24. Ships of all states enjoy the right of innocent passage in the internal waters.

In inland waters, sovereignty of the state is equal to that which it exercises on the
mainland. The coastal state is free to make laws relating to its internal waters, regulate any use,
and use any resource. In the absence of agreements to the contrary, foreign vessels have no
right of passage within internal waters, and this lack of right to innocent passage is the key
difference between internal waters and territorial waters. The "archipelagic waters" within the
outermost islands of archipelagic states are treated as internal waters with the exception that
innocent passage must be allowed, although the archipelagic state may designate certain sea
lanes in these waters. (Art. 2 Part II, Art. 52 Part IV)

25. Collection of giant clams by a foreign vessel in a coastal state’s territorial sea is not a
prohibited act in the UNCLOS, and may thus be part of the right of innocent passage.

False because according to Article 17, passage of foreign ship shall be considered
prejudicial to the peace, good order or security of the coastal State if in the territorial sea it
engages in any fishing activities.
26. The breadth of the contiguous zone is always 12 nautical miles from the edge of the
territorial sea.

Article 33 of UNCLOS provides that:

1. In a zone contiguous to its territorial sea, described as the contiguous zone, the coastal State
may exercise the control necessary to:

(a) prevent infringement of its customs, fiscal, immigration or sanitary laws and regulations
within its territory or territorial sea;

(b) punish infringement of the above laws and regulations committed within its territory or
territorial sea.

2. The contiguous zone may not extend beyond 24 nautical miles from the baselines from which
the breadth of the territorial sea is measured.

27. Indonesia is the world’s largest Muslim state.
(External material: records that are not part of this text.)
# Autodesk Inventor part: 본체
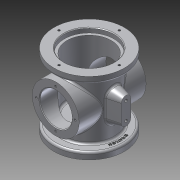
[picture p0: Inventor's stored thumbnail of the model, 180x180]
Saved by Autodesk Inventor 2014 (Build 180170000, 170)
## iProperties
Created: 2018-02
Part Number: 본체
Material: 알루미늄 6061
Document SubType Name: Modeling
Designer: OA65
Density: 2.71 g/cm^3
Appearance: 알루미늄 - 평지
Mass: 771.847 g
Surface Area: 821.675 cm^2
Volume: 284.814 cm^3
Author: OA65
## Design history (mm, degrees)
sketch "스케치1"
  geometry: C1 r 33 at (0, 0); C2 r 38 at (0, 0); 1 further point
  constraints: 2 centre point, 2 coincident
  dimensions: "d0" = 66 diameter of C1; "d1" = 76 diameter of C2
extrude "돌출1" new body sketch "스케치1" distance "d2" = 108; taper "d3" = 0 deg
sketch "스케치2"
  geometry: C1 r 38 at (0, 0) reference; C2 r 52.5 at (0, 0)
  constraints: 1 centre point, 1 coincident
  dimensions: "d4" = 105 diameter of C2
extrude "돌출2" join sketch "스케치2" distance "d5" = 10; taper "d6" = 0 deg
sketch "스케치3"
  geometry: C1 r 38 at (0, 0) reference; C2 r 52.5 at (0, 0)
  constraints: 1 centre point, 1 coincident
  dimensions: "d8" = 105 diameter of C2
extrude "돌출3" join sketch "스케치3" distance "d9" = 10; taper "d10" = 0 deg
sketch "스케치4"
  geometry: C1 r 52.5 at (0, 0) reference; C2 r 37 at (0, 0)
  constraints: 1 centre point, 1 coincident
  dimensions: "d11" = 74 diameter of C2
extrude "돌출4" cut sketch "스케치4" distance "d12" = 7; taper "d13" = 0 deg
sketch "스케치5"
  geometry: C1 r 37 at (0, 0) reference; C2 r 33 at (0, 0)
  constraints: 1 centre point, 1 coincident
  dimensions: "d14" = 66 diameter of C2
extrude "돌출5" cut sketch "스케치5" distance "d15" = 79; taper "d16" = 0 deg
sketch "스케치6"
  geometry: C1 r 52.5 at (0, 0) reference; C2 r 34 at (0, 0)
  constraints: 1 centre point, 1 coincident
  dimensions: "d17" = 68 diameter of C2
extrude "돌출6" cut sketch "스케치6" distance "d18" = 16; taper "d19" = 0 deg
sketch "스케치7"
  geometry: L1 (38, 10)-(52.5, 10) reference; L2 (52.5, 10)-(52.5, 0) reference; L3 (52.5, 0)-(37, 0) reference; L4 (37, 0)-(37, 7) reference; L5 (37, 7)-(33, 7) reference; L6 (33, 7)-(33, 86) reference; L7 (33, 86)-(-33, 86) reference; L8 (-33, 86)-(-33, 7) reference; L9 (-33, 7)-(-37, 7) reference; L10 (-37, 7)-(-37, 0) reference; L11 (-37, 0)-(-52.5, 0) reference; L12 (-52.5, 0)-(-52.5, 10) reference; L13 (-52.5, 10)-(-38, 10) reference; L14 (-38, 10)-(-38, 98) reference; L15 (-38, 98)-(-52.5, 98) reference; L16 (-52.5, 98)-(-52.5, 108) reference; L17 (-52.5, 108)-(-34, 108) reference; L18 (-34, 108)-(-34, 92) reference; L19 (-34, 92)-(34, 92) reference; L20 (34, 92)-(34, 108) reference; L21 (34, 108)-(52.5, 108) reference; L22 (52.5, 108)-(52.5, 98) reference; L23 (52.5, 98)-(38, 98) reference; L24 (38, 98)-(38, 10) reference; L25 (0, 108)-(0, 54); C1 r 24 at (0, 54); C2 r 35 at (0, 54); 1 further point
  constraints: 2 centre point, 2 coincident, 2 end point, 1 parallel
  dimensions: "d20" = 54 distance of L25.start L25.end; "d21" = 48 diameter of C1; "d22" = 70 diameter of C2
extrude "돌출7" join sketch "스케치7" stored distance "d23" = 100; taper "d24" = 0 deg
sketch "스케치8"
  geometry: C1 r 24 at (0, 0) reference; C2 r 35 at (0, 0) reference; C3 r 24 at (0, 0); 1 further point
  constraints: 1 centre point, 1 coincident, 1 concentric
extrude "돌출8" cut sketch "스케치8" distance "d25" = 150; taper "d26" = 0 deg
sketch "스케치9"
  geometry: C1 r 37 at (0, 0) reference; C2 r 52.5 at (0, 0) reference; C3 r 37 at (0, 0)
  constraints: 1 centre point, 1 coincident, 1 concentric
extrude "돌출9" cut sketch "스케치9" distance "d27" = 86; taper "d28" = 0 deg
sketch "스케치10"
  geometry: C1 r 37 at (0, 0) reference; C2 r 33 at (0, 0)
  constraints: 1 centre point, 1 coincident
  dimensions: "d29" = 66 diameter of C2
extrude "돌출10" join sketch "스케치10" distance "d30" = 79; taper "d31" = 0 deg
sketch "스케치11"
  geometry: C1 r 24 at (0, 0) reference; C2 r 35 at (0, 0) reference; C3 r 24 at (0, 0); 1 further point
  constraints: 1 centre point, 1 coincident, 1 concentric
extrude "돌출11" cut sketch "스케치11" distance "d32" = 150; taper "d33" = 0 deg
sketch "스케치12"
  geometry: C1 r 33 at (0, 0) reference; C2 r 5 at (0, 0)
  constraints: 1 centre point, 1 coincident
  dimensions: "d34" = 10 diameter of C2
extrude "돌출12" cut sketch "스케치12" distance "d35" = 14; taper "d36" = 0 deg
node "작업 평면1"
fillet "모깎기1" dims "d50" = 3
fillet "모깎기2" dims "d51" = 3
chamfer "모따기1" distance "d52" = 1; stored, may be unused: second distance "d53" = 2, angle "d54" = 45 deg
sketch "스케치17" dims "d64" = 90
  geometry: C1 r 38 at (0, 0) reference; 2 further points
  constraints: 1 coincident, 1 vertical alignment, 2 other
hole "구멍2" sketch "스케치17" at (0, 45) diameter "d65" = 3.242; stored, may be unused: countersink angle "d69" = 90 deg, drill point angle "d71" = 118 deg; dims "d66" = 4, "d67" = 4, "d68" = 2, "d70" = 6
sketch "스케치18" dims "d75" = 58
  geometry: C1 r 25 at (0, 0) reference; 3 further points
  constraints: 1 coincident, 1 vertical alignment, 2 other
hole "구멍3" sketch "스케치18" at (0, 29) diameter "d76" = 3.242; stored, may be unused: countersink angle "d80" = 90 deg, drill point angle "d82" = 118 deg; dims "d77" = 4, "d78" = 4, "d79" = 2, "d81" = 6
node "작업 평면2"
sketch "스케치19"
  geometry: L1 (-31, 92)-(-5, 92) reference; L2 (-5, 92)-(-5, 86) reference; L3 (-5, 86)-(-30, 86) reference; L4 (-33, 83)-(-33, 7) reference; L5 (-33, 7)-(-37, 7) reference; L6 (-37, 7)-(-37, 1) reference; L7 (-37, 1)-(-38, 0) reference; L8 (-38, 0)-(-43.379, 0) reference; L9 (-43.379, 0)-(-43.379, 6) reference; L10 (-43.379, 6)-(-45, 6.974) reference; L11 (-45, 6.974)-(-46.621, 6) reference; L12 (-46.621, 6)-(-46.621, 0) reference; L13 (-46.621, 0)-(-52.5, 0) reference; L14 (-52.5, 0)-(-52.5, 7) reference; L15 (-49.5, 10)-(-41, 10) reference; L16 (-38, 13)-(-38, 95) reference; L17 (-41, 98)-(-49.5, 98) reference; L18 (-52.5, 101)-(-52.5, 108) reference; L19 (-52.5, 108)-(-34, 108) reference; L20 (-34, 108)-(-34, 95) reference; L21 (34, 95)-(34, 108) reference; L22 (34, 108)-(52.5, 108) reference; L23 (52.5, 108)-(52.5, 101) reference; L24 (49.5, 98)-(41, 98) reference; L25 (38, 95)-(38, 13) reference; L26 (41, 10)-(49.5, 10) reference; L27 (52.5, 7)-(52.5, 0) reference; L28 (52.5, 0)-(46.621, 0) reference; L29 (46.621, 0)-(46.621, 6) reference; L30 (46.621, 6)-(45, 6.974) reference; L31 (45, 6.974)-(43.379, 6) reference; L32 (43.379, 6)-(43.379, 0) reference; L33 (43.379, 0)-(38, 0) reference; L34 (38, 0)-(37, 1) reference; L35 (37, 1)-(37, 7) reference; L36 (37, 7)-(33, 7) reference; L37 (33, 7)-(33, 83) reference; L38 (30, 86)-(5, 86) reference; L39 (5, 86)-(5, 92) reference; L40 (5, 92)-(31, 92) reference; L41 (0, 54)-(55, 54); L42 (55, 41)-(55, 34); L43 (55, 34)-(38, 29.445); L44 (55, 67)-(55, 74); L45 (55, 74)-(38, 78.555); L46 (55, 41)-(38, 41); L47 (55, 67)-(38, 67); A1 r 3 centre (-31, 95) between (-34, 95) and (-31, 92) reference; A2 r 3 centre (-30, 83) between (-30, 86) and (-33, 83) reference; A3 r 3 centre (-49.5, 7) between (-49.5, 10) and (-52.5, 7) reference; A4 r 3 centre (-41, 13) between (-41, 10) and (-38, 13) reference; A5 r 3 centre (-41, 95) between (-38, 95) and (-41, 98) reference; A6 r 3 centre (-49.5, 101) between (-52.5, 101) and (-49.5, 98) reference; A7 r 3 centre (31, 95) between (31, 92) and (34, 95) reference; A8 r 3 centre (49.5, 101) between (49.5, 98) and (52.5, 101) reference; A9 r 3 centre (41, 95) between (41, 98) and (38, 95) reference; A10 r 3 centre (41, 13) between (38, 13) and (41, 10) reference; A11 r 3 centre (49.5, 7) between (52.5, 7) and (49.5, 10) reference; A12 r 3 centre (30, 83) between (33, 83) and (30, 86) reference; 2 further points
  constraints: 14 end point, 4 point on line, 3 perpendicular, 1 collinear, 1 parallel, 1 other
  dimensions: "d87" = 55 distance of L41.start L41.end; "d88" = 20 distance of L41.end L42.end; "d89" = 20 distance of L41.end L44.end; "d90" = 13 distance of L42.start L41.end; "d91" = 13 distance of L44.start L41.end
  node "절단 모서리 투영4"
revolve "회전3" stored, may be unused: angle "d92" = 90 deg
revolve "회전4" stored, may be unused: angle "d93" = 90 deg
sketch "스케치20"
  geometry: L1 (-7, 0)-(-7, -26); L2 (7, 0)-(7, -26); A1 r 7 centre (0, 0) between (-7, 0) and (7, 0) reference; A2 r 7 centre (0, -26) between (-7, -26) and (7, -26) reference; A3 r 7 centre (0, 0) between (-7, 0) and (7, 0) reference; 1 further point
  constraints: 6 point on circle, 4 end point, 4 tangent
extrude "돌출15" join sketch "스케치20" stored distance "d94" = 15; taper "d95" = 15 deg
fillet "모깎기3" dims "d96" = 3
sketch "스케치21"
  geometry: A1 r 7 centre (-7, 0) between (-14, 0) and (0, 0) reference; A2 r 7 centre (-7, 26) between (0, 26) and (-14, 26) reference; 3 further points
  constraints: 2 coincident
hole "구멍4" sketch "스케치21" at (-7, 26), (-7, 0) diameter "d97" = 4.134; stored, may be unused: countersink angle "d101" = 90 deg, drill point angle "d103" = 118 deg; dims "d98" = 6, "d99" = 4, "d100" = 2, "d102" = 8
sketch "스케치22" dims "d104" = 86
  geometry: L1 (0, 0)-(0, 43); C1 r 41 at (0, 0) reference
  constraints: 2 end point, 1 coincident, 1 vertical, 1 vertical alignment, 2 other
feature "엠보싱1" sketch "스케치22" dims "d0" = 66, "d1" = 76, "d105" = 0.5, "d106" = 0
node "솔리드1"
pattern_circular "원형 패턴1" dims angle "d73" = 360 deg
pattern_circular "원형 패턴2" dims angle "d84" = 360 deg
mirror "대칭3"
node "절단 모서리 투영1"
node "절단 모서리 투영5"
other parameters: "d49" = 0, "d86" = 0

It asserts that, in retaliation for the
massacre that happened in the mosque in Christchurch, New Zealand, Indonesia can
validly ban ships bearing the Australian flag from innocent passage in its territorial
waters.

False.

Under Article 17 of the UNCLOS, ships of all States, whether coastal or land-locked,
enjoy the right of innocent passage through the territorial sea. Article 19 (1) of the Convention
provides that passage is innocent so long as it is not prejudicial to the peace, good order or
security of the coastal State. Article 19(2) provides the activities in which passage of a foreign
ship shall be considered to be prejudicial to the peace, good order or security of the coastal
State.

Indonesia failed to indicate any of the activities enumerated in Article 19(2) of the
Convention committed by the ships bearing Australian flags. Thus, Indonesia cannot validly ban
said innocent passage in its territorial waters.